(LISTED RECORDS Opens)
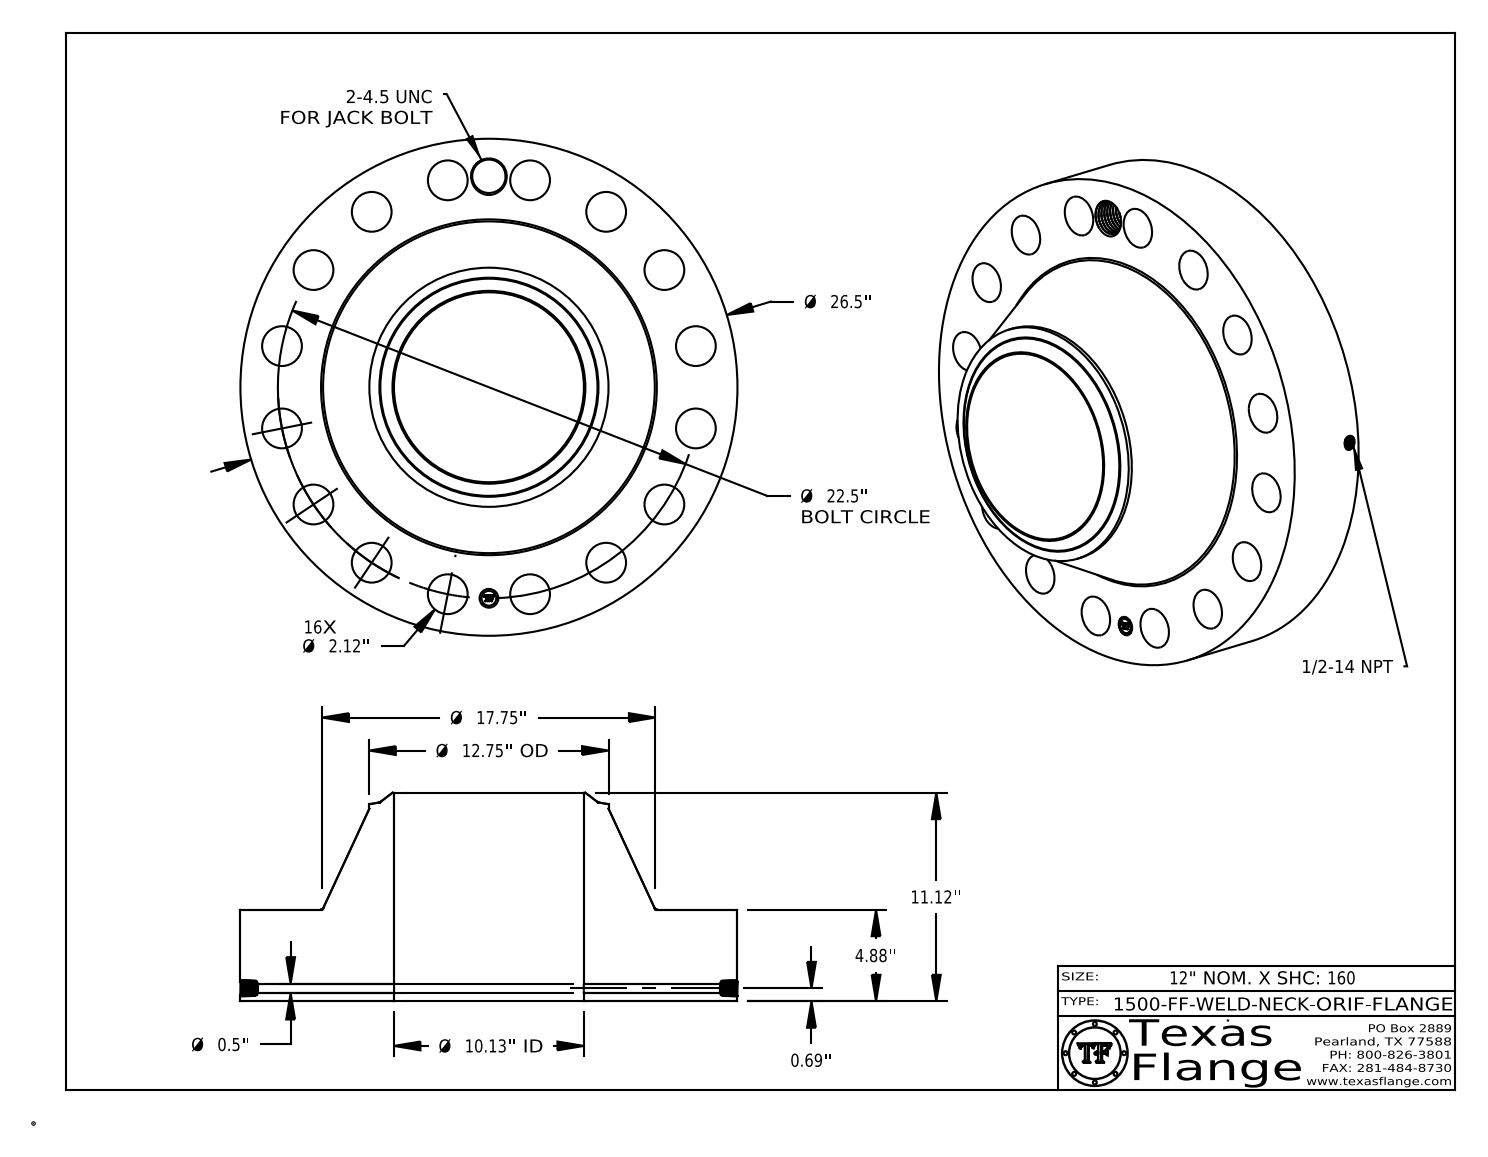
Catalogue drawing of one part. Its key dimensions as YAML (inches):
part_name: "1500-FF-WELD-NECK"
step_written_by: "CATIA V5 STEP AP214 (AUTOMOTIVE_DESIGN)"
units: inches
bodies: {solids: 1, faces: 828, planar: 368, cylindrical: 122, other: 338}
overall_size: [26.5, 26.5, 11.12]
volume: 2587
surface_area: 2353
round_holes:
  - {diameter: 2.12, count: 16}
  - {diameter: 0.5, count: 1}
  - {diameter: 0.672, count: 1}
  - {diameter: 1, count: 1}
  - {diameter: 1.781, count: 1}
  - {diameter: 10.126, count: 1}
round_bosses_or_shafts:
  - {diameter: 0.061, count: 8}
  - {diameter: 26.5, count: 1}
  - {diameter: 12.75, count: 1}
  - {diameter: 0.788, count: 1}
face_to_face_distances: [4.88, 11.12, 6.24, 4.865, 0.015, 6.255, 0.298, 0.293, 0.054, 0.248]
hole_center_spacings: [11.25, 8.61, 15.91, 20.787, 12.5, 18.708, 22.068, 4.389]
(LISTED RECORDS Closes)
§ **HOW TO COMPLETE THIS TASK**
In the copy, include every line of the records exactly and none of the images.

§ **EXERCISE OUTPUT**
Catalogue drawing of one part. Its key dimensions as YAML (inches):
part_name: "1500-FF-WELD-NECK"
step_written_by: "CATIA V5 STEP AP214 (AUTOMOTIVE_DESIGN)"
units: inches
bodies: {solids: 1, faces: 828, planar: 368, cylindrical: 122, other: 338}
overall_size: [26.5, 26.5, 11.12]
volume: 2587
surface_area: 2353
round_holes:
  - {diameter: 2.12, count: 16}
  - {diameter: 0.5, count: 1}
  - {diameter: 0.672, count: 1}
  - {diameter: 1, count: 1}
  - {diameter: 1.781, count: 1}
  - {diameter: 10.126, count: 1}
round_bosses_or_shafts:
  - {diameter: 0.061, count: 8}
  - {diameter: 26.5, count: 1}
  - {diameter: 12.75, count: 1}
  - {diameter: 0.788, count: 1}
face_to_face_distances: [4.88, 11.12, 6.24, 4.865, 0.015, 6.255, 0.298, 0.293, 0.054, 0.248]
hole_center_spacings: [11.25, 8.61, 15.91, 20.787, 12.5, 18.708, 22.068, 4.389]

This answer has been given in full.